%%

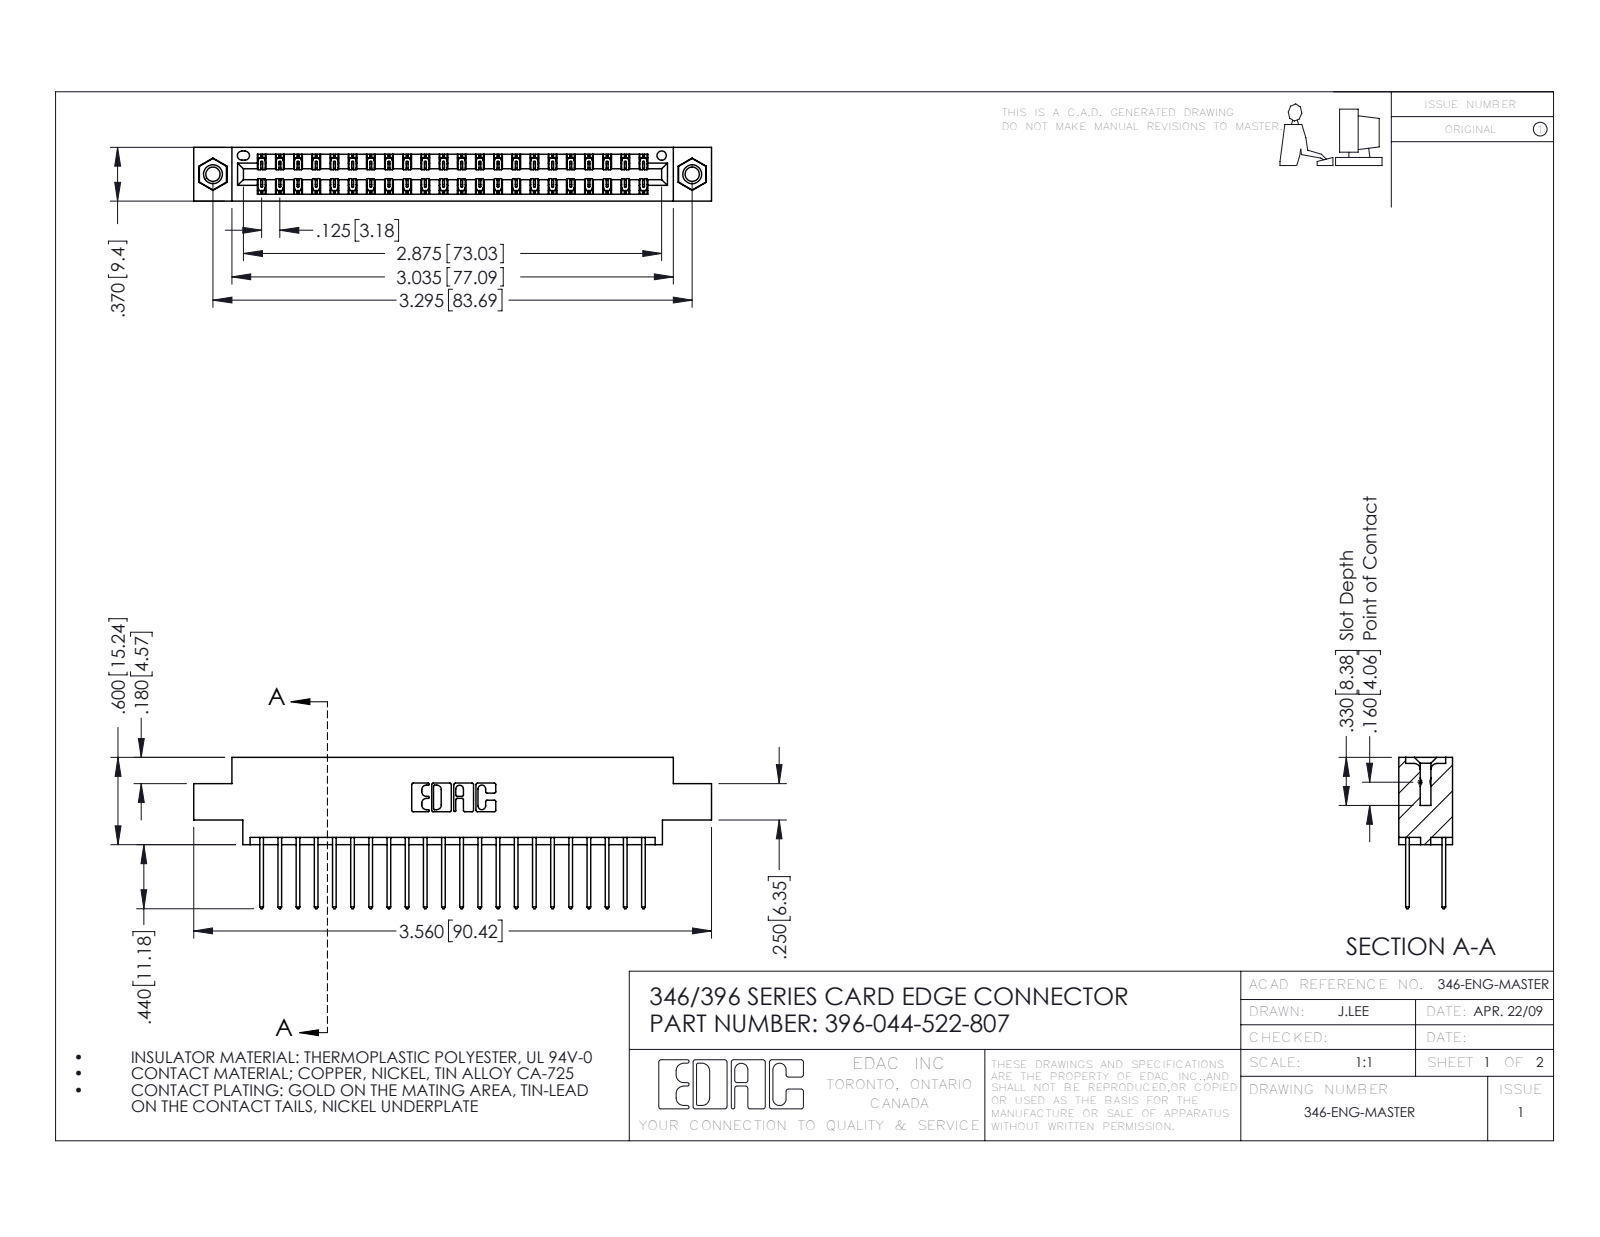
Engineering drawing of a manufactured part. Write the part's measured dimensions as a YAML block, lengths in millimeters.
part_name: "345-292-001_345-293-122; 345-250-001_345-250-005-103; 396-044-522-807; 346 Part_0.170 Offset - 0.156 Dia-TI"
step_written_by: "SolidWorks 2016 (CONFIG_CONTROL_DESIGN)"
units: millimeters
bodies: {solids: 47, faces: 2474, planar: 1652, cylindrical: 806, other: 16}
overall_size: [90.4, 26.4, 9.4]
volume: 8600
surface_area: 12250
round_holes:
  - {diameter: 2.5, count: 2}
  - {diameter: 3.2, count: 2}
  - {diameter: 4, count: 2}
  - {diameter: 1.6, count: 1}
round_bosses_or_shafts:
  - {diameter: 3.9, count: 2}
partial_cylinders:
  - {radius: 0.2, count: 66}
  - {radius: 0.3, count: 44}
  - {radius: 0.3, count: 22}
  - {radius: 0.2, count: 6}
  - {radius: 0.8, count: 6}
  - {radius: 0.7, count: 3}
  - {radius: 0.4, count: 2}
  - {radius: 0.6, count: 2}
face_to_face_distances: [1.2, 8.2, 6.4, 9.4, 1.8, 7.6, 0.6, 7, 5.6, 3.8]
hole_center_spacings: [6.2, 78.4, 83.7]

%%

Images stay out, but the rest of the data above must be repeated exactly.

Engineering drawing of a manufactured part. Write the part's measured dimensions as a YAML block, lengths in millimeters.
part_name: "345-292-001_345-293-122; 345-250-001_345-250-005-103; 396-044-522-807; 346 Part_0.170 Offset - 0.156 Dia-TI"
step_written_by: "SolidWorks 2016 (CONFIG_CONTROL_DESIGN)"
units: millimeters
bodies: {solids: 47, faces: 2474, planar: 1652, cylindrical: 806, other: 16}
overall_size: [90.4, 26.4, 9.4]
volume: 8600
surface_area: 12250
round_holes:
  - {diameter: 2.5, count: 2}
  - {diameter: 3.2, count: 2}
  - {diameter: 4, count: 2}
  - {diameter: 1.6, count: 1}
round_bosses_or_shafts:
  - {diameter: 3.9, count: 2}
partial_cylinders:
  - {radius: 0.2, count: 66}
  - {radius: 0.3, count: 44}
  - {radius: 0.3, count: 22}
  - {radius: 0.2, count: 6}
  - {radius: 0.8, count: 6}
  - {radius: 0.7, count: 3}
  - {radius: 0.4, count: 2}
  - {radius: 0.6, count: 2}
face_to_face_distances: [1.2, 8.2, 6.4, 9.4, 1.8, 7.6, 0.6, 7, 5.6, 3.8]
hole_center_spacings: [6.2, 78.4, 83.7]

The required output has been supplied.